Os Caminhos da Saúde e da Felicidade...

O texto abaixo, escrito pelo amigo José Augusto Barros (Professor de Medicina Social, graduado em Filosofia, Medicina e História, com Doutorado e Pós-Doutorado em Epidemiologia na Espanha), pessoa que respeito muito, me foi dado pelo próprio autor. Leitor deste humilde Blog, a quem agradeço por ser um dos dois ou três que possuo, transmito sua mensagem, escrita num momento delicado. O título já fala por si:


OS CAMINHOS DA SAÚDE E DA FELICIDADE



Tentando explicar o fenômeno Saúde/Doença

"É inerente a todo ser humano, desde priscas eras, a busca da saúde e da felicidade. As estratégias para consecução das mesmas é que se ajustam, ao longo da história da humanidade, ao progresso contínuo no âmbito das diversas ciências, além das concepções de natureza filosófica ou das modificações de ordem sócio-econômica que foram ocorrendo ao longo do tempo. Na trajetória evolutiva das concepções e das práticas sobre a saúde e a doença poderiam ser identificados alguns paradigmas que, começando com a visão mágico-religiosa, na antiguidade, termina na abordagem do modelo biomédico ou mecanicista, predominante nos tempos de hoje.

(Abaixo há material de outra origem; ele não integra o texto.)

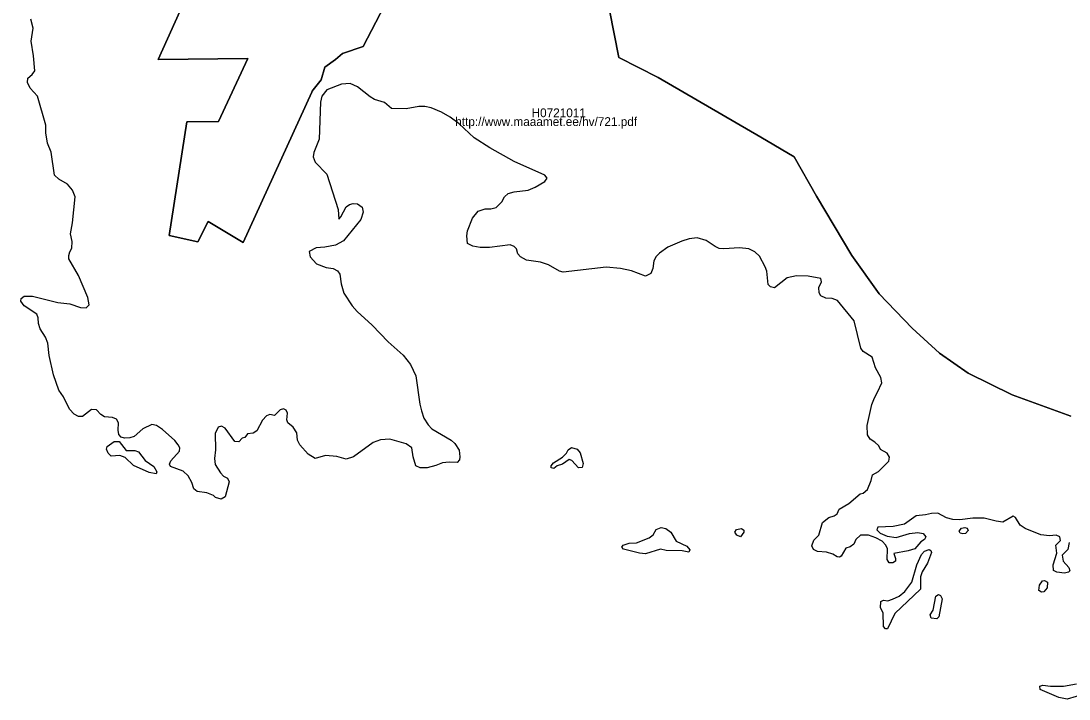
# Model space of a CAD drawing. Extents: x 369010 to 739155, y 6377141 to 6634081.
# Drawn here: x 385920 to 388897, y 6449332 to 6451258 of the extents above; entities that cross this region are included whole.
import ezdxf

# ---------------------------------------------------------------- set-up
doc = ezdxf.new("R2010")
doc.units = 0
for name, color, linetype in [('H_LINK', 7, 'Continuous'), ('H_PIIR', 7, 'Continuous'), ('H_TUNNUS', 7, 'Continuous')]:
    doc.layers.add(name, color=color, linetype=linetype)

msp = doc.modelspace()

# ---------------------------------------------------------------- linework, layer by layer
at = {"layer": 'H_PIIR'}
for points in [[(386471.79, 6451509.72), (386308.9201, 6451148.8799), (386564.15, 6451151.05), (386481.12, 6450972.4001), (386390.98, 6450971.6899), (386341.0699, 6450648.87), (386421.64, 6450630.1999), (386451.68, 6450687.8899), (386550.6701, 6450628.91), (386745.81, 6451055.7), (386747.2599, 6451058.8713), (386749.8704, 6451061.8952), (386772.3, 6451090.22), (386783.0999, 6451126.9399), (386813.33, 6451148.54), (386832.7601, 6451165.82), (386891.99, 6451185.7999), (387036.13, 6451462.54)], [(387036.13, 6451462.54), (386891.99, 6451185.7999), (386832.7601, 6451165.82), (386813.33, 6451148.54), (386783.0999, 6451126.9399), (386772.3, 6451090.22), (386749.8704, 6451061.8952), (386747.2599, 6451058.8713), (386745.81, 6451055.7), (386550.6701, 6450628.91), (386451.68, 6450687.8899), (386421.64, 6450630.1999), (386341.0699, 6450648.87), (386390.98, 6450971.6899), (386481.12, 6450972.4001), (386564.15, 6451151.05), (386308.9201, 6451148.8799), (386471.79, 6451509.72)], [(387591.73, 6451288.5801), (387617.9699, 6451153.66), (387730.35, 6451097.25), (388021.12, 6450927.58), (388116.18, 6450871.8599), (388179.62, 6450760.32), (388280.1, 6450591.71), (388357.7201, 6450483.0099), (388451.59, 6450385.0701), (388529.5899, 6450314.4), (388610.24, 6450257.3699), (388735.84, 6450195.38), (388901.94, 6450134.86)], [(388901.94, 6450134.86), (388735.84, 6450195.38), (388610.24, 6450257.3699), (388529.5899, 6450314.4), (388451.59, 6450385.0701), (388357.7201, 6450483.0099), (388280.1, 6450591.71), (388179.62, 6450760.32), (388116.18, 6450871.8599), (388021.12, 6450927.58), (387730.35, 6451097.25), (387617.9699, 6451153.66), (387591.73, 6451288.5801)], [(388897.95, 6449776.4847), (388893.6, 6449756.0646), (388878.0799, 6449740.2746), (388880.26, 6449723.1246), (388896.5899, 6449705.1646), (388899.0401, 6449696.1747), (388895.78, 6449691.8246), (388884.34, 6449688.8247), (388862.5699, 6449691.8246), (388853.3199, 6449696.7247), (388851.82, 6449712.5047), (388862.98, 6449745.9847), (388859.44, 6449769.1246), (388872.51, 6449782.4646), (388871.1499, 6449791.9947), (388860.2599, 6449797.1647), (388841.48, 6449795.5347), (388816.71, 6449798.2547), (388772.6201, 6449815.9546), (388758.46, 6449825.2046), (388745.13, 6449847.5347), (388738.5901, 6449851.3447), (388708.65, 6449833.9246), (388689.87, 6449836.9147), (388656.1201, 6449845.8946), (388623.46, 6449845.3446), (388586.99, 6449840.9947), (388567.1199, 6449842.0846), (388548.6099, 6449846.7146), (388524.66, 6449859.2346), (388506.7, 6449858.9647), (388489, 6449854.8847), (388463.14, 6449851.8946), (388429.67, 6449828.4847), (388397.5501, 6449821.6746), (388354, 6449819.5046), (388351.55, 6449812.6947), (388360.8, 6449802.6246), (388380.4, 6449794.4547), (388405.99, 6449790.3747), (388444.09, 6449802.0746), (388467.5, 6449804.8047), (388482.47, 6449802.3547), (388490.09, 6449792.2746), (388486.55, 6449784.9246), (388476.34, 6449778.6647), (388459.1899, 6449757.9747), (388439.87, 6449752.5346), (388399.04, 6449745.4546), (388404.4801, 6449730.4746), (388404.4801, 6449723.6746), (388396.3199, 6449719.0446), (388386.5199, 6449718.7747), (388380.2601, 6449728.0247), (388381.3499, 6449758.7946), (388376.99, 6449769.1346), (388366.3801, 6449779.7546), (388348.4099, 6449789.5546), (388327.7301, 6449797.1747), (388304.32, 6449797.1747), (388291.2599, 6449785.1947), (388285.5399, 6449771.8547), (388274.93, 6449763.9646), (388262.68, 6449760.4247), (388250.16, 6449737.8247), (388245.53, 6449734.2847), (388238.1799, 6449735.9246), (388226.2101, 6449742.7246), (388207.6899, 6449748.7247), (388182.9201, 6449750.6246), (388171.22, 6449756.6146), (388166.87, 6449766.6847), (388172.5801, 6449783.2947), (388185.92, 6449796.9046), (388196.53, 6449832.8446), (388214.77, 6449847.5447), (388230.01, 6449851.8946), (388238.1799, 6449857.3447), (388244.1601, 6449871.2246), (388271.6499, 6449886.7247), (388303.5001, 6449914.2247), (388312.7501, 6449916.3946), (388324.7299, 6449926.7446), (388335.07, 6449952.6046), (388338.88, 6449968.1247), (388355.4801, 6449978.4647), (388385.15, 6450007.5946), (388387.33, 6450019.0246), (388380.52, 6450029.9146), (388361.2001, 6450040.5346), (388356.5701, 6450050.8746), (388345.6901, 6450061.4947), (388332.3501, 6450069.6647), (388325, 6450082.4546), (388323.37, 6450108.8647), (388337.25, 6450168.4746), (388344.6, 6450187.2647), (388352.77, 6450203.8646), (388365.2901, 6450229.4547), (388362.8399, 6450245.5147), (388347.3299, 6450272.7447), (388337.8, 6450302.9546), (388311.94, 6450318.4746), (388305.6799, 6450328.5447), (388286.35, 6450405.5846), (388239.81, 6450463.8446), (388224.56, 6450469.5546), (388206.33, 6450470.3746), (388192.45, 6450476.6346), (388187.27, 6450485.6147), (388186.19, 6450500.8646), (388193.53, 6450517.1947), (388191.6301, 6450526.7246), (388156.52, 6450532.7146), (388122.49, 6450533.5247), (388096.63, 6450528.6346), (388060.71, 6450500.0547), (388049.27, 6450502.7747), (388042.7401, 6450509.0346), (388038.6601, 6450547.4247), (388034.3, 6450559.6746), (388017.7, 6450589.8947), (388004.91, 6450602.1447), (387987.49, 6450610.5846), (387961.08, 6450613.3046), (387916.45, 6450610.5846), (387903.1101, 6450611.9447), (387891.95, 6450617.1147), (387865.82, 6450634.0046), (387841.05, 6450641.6246), (387818.1899, 6450638.9046), (387796.69, 6450632.0947), (387757.6299, 6450614.9546), (387733.68, 6450598.6147), (387724.1599, 6450588.5446), (387717.62, 6450576.8447), (387714.3599, 6450554.5146), (387708.6401, 6450540.6346), (387693.94, 6450532.7446), (387654.4801, 6450547.7246), (387622.91, 6450554.8047), (387582.2199, 6450558.6146), (387460.29, 6450544.1746), (387449.67, 6450546.8946), (387418.64, 6450565.1347), (387395.51, 6450572.4846), (387355.5001, 6450578.2046), (387338.89, 6450587.4546), (387331.01, 6450596.1646), (387327.7399, 6450610.8647), (387320.66, 6450616.8546), (387309.78, 6450622.2947), (387250.9799, 6450614.4046), (387224.0401, 6450614.4046), (387203.0799, 6450617.9446), (387188.6499, 6450625.8347), (387186.21, 6450647.0647), (387187.84, 6450661.7646), (387202.81, 6450697.7046), (387218.05, 6450717.3046), (387238.19, 6450724.3847), (387254.5199, 6450724.1046), (387269.4899, 6450728.1946), (387286.1, 6450744.5247), (387293.1699, 6450758.4047), (387304.0599, 6450767.3946), (387320.66, 6450772.5746), (387360.1301, 6450777.4747), (387380, 6450785.6447), (387407.76, 6450801.9746), (387414.2999, 6450811.5047), (387408.0401, 6450819.9446), (387320.9401, 6450858.8647), (387251.8, 6450897.7946), (387207.3001, 6450926.1046), (387164.7, 6450965.3046), (387139.39, 6450984.3646), (387114.3501, 6450998.7946), (387085.23, 6451011.3147), (387066.72, 6451014.5847), (387049.57, 6451014.5747), (387013.64, 6451008.3147), (386972.54, 6451009.1346), (386952.4, 6451026.0146), (386923.8199, 6451034.9946), (386911.2901, 6451042.0546), (386875.3699, 6451070.3646), (386854.95, 6451080.4447), (386829.9101, 6451077.9947), (386788.8099, 6451062.2046), (386774.66, 6451043.9647), (386770.84, 6451027.3447), (386767.0301, 6450921.7247), (386751.25, 6450884.1547), (386750.1499, 6450871.6347), (386755.05, 6450857.2147), (386788.2599, 6450822.9146), (386820.92, 6450722.1947), (386822.55, 6450695.2446), (386828.8101, 6450701.7746), (386843.51, 6450730.0847), (386853.31, 6450736.3446), (386863.11, 6450739.3447), (386875.63, 6450738.5246), (386888.6899, 6450728.7246), (386892.2301, 6450714.5747), (386884.88, 6450693.8847), (386836.1599, 6450633.1747), (386813.57, 6450621.1947), (386782.81, 6450614.9347), (386758.04, 6450613.0347), (386738.7201, 6450603.2347), (386741.17, 6450587.9846), (386759.13, 6450567.8446), (386786.35, 6450557.7747), (386806.49, 6450554.5046), (386818.74, 6450548.2446), (386825.54, 6450538.9846), (386829.08, 6450510.6746), (386836.6999, 6450484.8146), (386860.9299, 6450448.6047), (386875.08, 6450432.2746), (386917.4, 6450393.8947), (386963.1299, 6450346.5247), (387005.8601, 6450308.6846), (387026.5399, 6450282.2946), (387040.9699, 6450249.6247), (387052.95, 6450169.3247), (387057.1699, 6450150.5346), (387064.2401, 6450129.3046), (387076.2199, 6450110.2446), (387087.1099, 6450099.3546), (387141.81, 6450067.2347), (387152.15, 6450057.1646), (387164.95, 6450038.6446), (387166.8501, 6450020.1346), (387165.22, 6450010.8846), (387158.6899, 6450003.2647), (387136.09, 6450004.8947), (387117.3101, 6450002.9846), (387098.2601, 6449995.0947), (387073.49, 6449988.2847), (387053.6299, 6449988.5646), (387041.6501, 6449994.2746), (387033.76, 6450020.1446), (387030.22, 6450045.7246), (387013.8899, 6450056.6146), (386967.34, 6450069.6847), (386940.6701, 6450067.7847), (386920.5301, 6450060.4347), (386863.9201, 6450020.1446), (386843.2301, 6450012.7946), (386816.83, 6450020.4147), (386784.9801, 6450023.6846), (386755.31, 6450014.9746), (386735.98, 6450027.4947), (386712.03, 6450053.3547), (386704.95, 6450066.6947), (386703.32, 6450087.6546), (386693.25, 6450104.2647), (386677.73, 6450116.2547), (386674.46, 6450124.4147), (386676.3699, 6450143.7446), (386673.37, 6450152.1847), (386665.21, 6450156.2746), (386655.95, 6450153.2747), (386639.9, 6450136.6746), (386626.8301, 6450140.2046), (386617.3, 6450136.3947), (386605.3299, 6450124.1446), (386590.09, 6450093.3846), (386578.9301, 6450087.1246), (386563.14, 6450085.2147), (386555.7899, 6450074.8747), (386547.6299, 6450072.9647), (386538.65, 6450062.3546), (386526.9399, 6450063.1747), (386499.7199, 6450101.5546), (386489.3799, 6450107.2746), (386480.1299, 6450103.7346), (386471.14, 6450086.3147), (386471.96, 6450039.4847), (386468.97, 6450015.2547), (386471.42, 6449998.1047), (386486.12, 6449974.4447), (386494.83, 6449965.1847), (386505.99, 6449959.1946), (386510.8901, 6449949.1246), (386500, 6449905.8346), (386488.3001, 6449899.0346), (386472.51, 6449903.9347), (386466.8, 6449909.9246), (386447.74, 6449917.8147), (386419.7101, 6449921.6246), (386410.4501, 6449928.4346), (386405.01, 6449946.4046), (386394.66, 6449965.7347), (386380.5101, 6449978.5247), (386344.5799, 6449992.4146), (386341.59, 6449998.3946), (386345.6699, 6450008.4747), (386370.44, 6450035.6946), (386370.7101, 6450044.9546), (386366.6301, 6450053.9347), (386356.8301, 6450066.1847), (386321.86, 6450097.7647), (386304.44, 6450108.9246), (386291.6501, 6450111.1047), (386265.5199, 6450099.3946), (386240.7499, 6450077.6147), (386229.3201, 6450073.2646), (386213.26, 6450072.4447), (386204.28, 6450075.9747), (386198.0199, 6450083.0546), (386195.57, 6450095.8546), (386196.9301, 6450115.9946), (386191.2201, 6450126.8846), (386180.06, 6450131.5146), (386156.6501, 6450133.1447), (386146.85, 6450139.6846), (386134.0601, 6450152.7447), (386119.6301, 6450154.1046), (386094.8701, 6450134.2347), (386083.1599, 6450134.5046), (386070.91, 6450140.4947), (386057.57, 6450155.4747), (386040.7, 6450190.3246), (386027.63, 6450209.1047), (386011.57, 6450252.9347), (385999.32, 6450307.1146), (385995.79, 6450342.7746), (385989.53, 6450359.9246), (385974.01, 6450383.6146), (385969.6601, 6450398.5846), (385968.29, 6450414.3646), (385964.21, 6450425.2546), (385929.0999, 6450448.9446), (385919.57, 6450461.7346), (385920.12, 6450469.3547), (385928.28, 6450475.8946), (385951.96, 6450476.4347), (386024.23, 6450458.1946), (386058.25, 6450454.3847), (386088.4701, 6450444.3146), (386104.8, 6450443.2246), (386112.96, 6450451.9246), (386109.1499, 6450472.6146), (386083.2901, 6450534.6847), (386055.8, 6450581.7846), (386055.5299, 6450591.3046), (386057.9801, 6450601.6547), (386064.5, 6450612.8246), (386065.3199, 6450631.6047), (386060.1499, 6450653.6546), (386066.14, 6450684.4246), (386073.76, 6450757.9247), (386065.59, 6450776.9747), (386051.9799, 6450793.8446), (386027.2199, 6450808.5447), (386014.7001, 6450819.9846), (386005.71, 6450885.3147), (385995.1, 6450910.6346), (385990.2, 6450939.7747), (385989.93, 6450961.8346), (385966.52, 6451044.3146), (385946.11, 6451067.4546), (385938.21, 6451083.2547), (385939.3, 6451094.9647), (385951.55, 6451106.1246), (385958.6301, 6451116.1947), (385955.36, 6451158.6646), (385948.8301, 6451200.5846), (385953.9999, 6451237.8847), (385948.01, 6451262.6547)], [(388943.3801, 6449346.0847), (388891.9399, 6449331.6547), (388868.53, 6449335.7447), (388814.91, 6449358.8746), (388813.82, 6449367.8647), (388822.8001, 6449371.4047), (388844.99, 6449368.4047), (388881.74, 6449367.8647), (388918.21, 6449374.9447)]]:
    msp.add_lwpolyline(points, dxfattribs=at)
for points in [[(386303.3884, 6449971.6839), (386283.5278, 6449974.994), (386239.1728, 6449995.1855), (386215.1748, 6450018.0251), (386200.9415, 6450023.1556), (386176.1158, 6450021.8315), (386167.675, 6450029.7757), (386162.5445, 6450041.1956), (386164.1995, 6450049.3052), (386184.06, 6450063.2076), (386198.9553, 6450063.2076), (386218.8158, 6450037.5544), (386243.3104, 6450037.8855), (386253.7372, 6450034.0789), (386272.2736, 6450009.7498), (386296.7682, 6449992.3719), (386305.2089, 6449976.649)], [(387503.4578, 6449988.8964), (387484.5905, 6450008.9223), (387477.4736, 6450012.3978), (387458.4407, 6449998.992), (387443.2144, 6449993.8614), (387433.2841, 6449986.5793), (387426.1674, 6449988.3998), (387426.1674, 6449994.1924), (387432.9531, 6450002.9641), (387458.4407, 6450019.0181), (387469.6951, 6450029.7757), (387474.6602, 6450040.037), (387483.2664, 6450046.1606), (387499.9823, 6450041.0301), (387508.5885, 6450031.0998), (387517.0292, 6450000.8126), (387513.719, 6449989.5582)], [(387797.8894, 6449752.7221), (387753.0378, 6449753.5496), (387736.8186, 6449757.6872), (387694.284, 6449744.6125), (387676.575, 6449745.9364), (387631.227, 6449757.5217), (387626.5929, 6449762.8179), (387630.0684, 6449768.7759), (387647.1154, 6449774.5687), (387668.1343, 6449775.5617), (387704.2142, 6449789.9605), (387715.634, 6449798.0701), (387724.2402, 6449813.2966), (387738.8045, 6449819.4201), (387751.7139, 6449816.2755), (387765.7816, 6449805.6834), (387780.8425, 6449780.0302), (387811.1298, 6449765.6314), (387820.067, 6449755.3701), (387817.0878, 6449749.081)], [(387964.0555, 6449792.6085), (387953.2977, 6449796.9117), (387948.1671, 6449805.8488), (387951.9737, 6449813.1311), (387966.8691, 6449815.7791), (387973.3237, 6449811.8071), (387972.8272, 6449805.5179)], [(388601.0803, 6449819.4201), (388607.3695, 6449817.1032), (388610.3486, 6449809.9866), (388603.0664, 6449802.3733), (388595.1222, 6449801.0492), (388588.0056, 6449803.2008), (388585.0265, 6449808.3314), (388591.3156, 6449817.1032)], [(388499.7919, 6449756.0322), (388504.4261, 6449753.3842), (388506.0811, 6449747.5914), (388495.3233, 6449717.4697), (388480.097, 6449693.4717), (388475.4628, 6449678.7418), (388474.9663, 6449643.324), (388402.1446, 6449574.8053), (388381.1255, 6449530.9467), (388375.3329, 6449530.9467), (388369.8713, 6449537.4015), (388369.0438, 6449576.4603), (388361.4305, 6449591.0248), (388362.258, 6449608.5681), (388369.8713, 6449612.5402), (388381.953, 6449610.7197), (388395.6899, 6449615.0228), (388414.5574, 6449623.7944), (388430.9422, 6449637.0348), (388450.1407, 6449663.5155), (388465.2016, 6449712.5047), (388477.7799, 6449741.9643), (388486.8825, 6449751.398)], [(388827.6553, 6449668.646), (388835.9305, 6449663.8464), (388834.6065, 6449647.4615), (388825.8349, 6449636.0418), (388818.5526, 6449635.7107), (388811.6015, 6449639.5173), (388813.0909, 6449655.5713), (388821.6971, 6449667.322)], [(388526.2725, 6449628.9252), (388532.2307, 6449625.6151), (388536.6994, 6449616.6778), (388527.4311, 6449565.537), (388521.3074, 6449559.2479), (388505.0881, 6449561.7304), (388503.102, 6449570.6677), (388511.0462, 6449584.57), (388519.1558, 6449623.7944)]]:
    msp.add_lwpolyline(points, close=True, dxfattribs=at)

# ---------------------------------------------------------------- texts
at = {"layer": 'H_LINK'}
msp.add_text('http://www.maaamet.ee/hv/721.pdf', height=25, dxfattribs=at).set_placement((387153.4247, 6450959.4941))
at = {"layer": 'H_TUNNUS'}
msp.add_text('H0721011', height=25, dxfattribs=at).set_placement((387370.2781, 6450984.4941))

doc.saveas('drawing.dxf')

Avanço significativo no pensamento médico ocorre quando se dá um desvio do foco de interesse das forças sobrenaturais para o portador da doença, passando a mesma gradativamente, a ser vista como um fenômeno natural, passível de ser compreendido e liberado da intromissão de forças divinas ou malévolas, mesmo que as mesmas sobrevivam em nossa sociedade atual. Esse novo enfoque, que pode ser designado como medicina empírico-racional teve seus primórdios no Egito (papiros com fragmentos de textos médicos datam de três mil anos antes de Cristo).

No ocidente, especulações com vistas a encontrar uma explicação não sobrenatural para a saúde e a doença devem muito aos primeiros esforços de alguns pioneiros que tentam entender os fenômenos, em uma nova dimensão particularmente na Grécia clássica, iniciando-se no VI século AC, com o nascimento da filosofia (amor à sabedoria). Os primeiros filósofos pré-socráticos perseguem uma explicação para as origens do universo e da vida. Essa matéria prima (arké=origem, começo) por eles visualizada como sendo a água, a terra, o fogo e o ar, está subjacente à teoria dos humores de Hipócrates (460-377 AC). Mais adiante, serão significativas as contribuições, sempre embasados em um enfoque holístico, de Galeno (início da idade média) e Paracelso (na interface da idade média e o renascimento). Ambos chamam a atenção – em alguma medida, essas idéias já se fazem presentes em Hipócrates – para alguns princípios que caracterizam uma visão holística, do processo saúde/doença realçando a importância da dieta, motivações de natureza emocional, ambiente de trabalho e até mesmo, para a existência de predisposições em algumas pessoas para desenvolverem determinadas doenças.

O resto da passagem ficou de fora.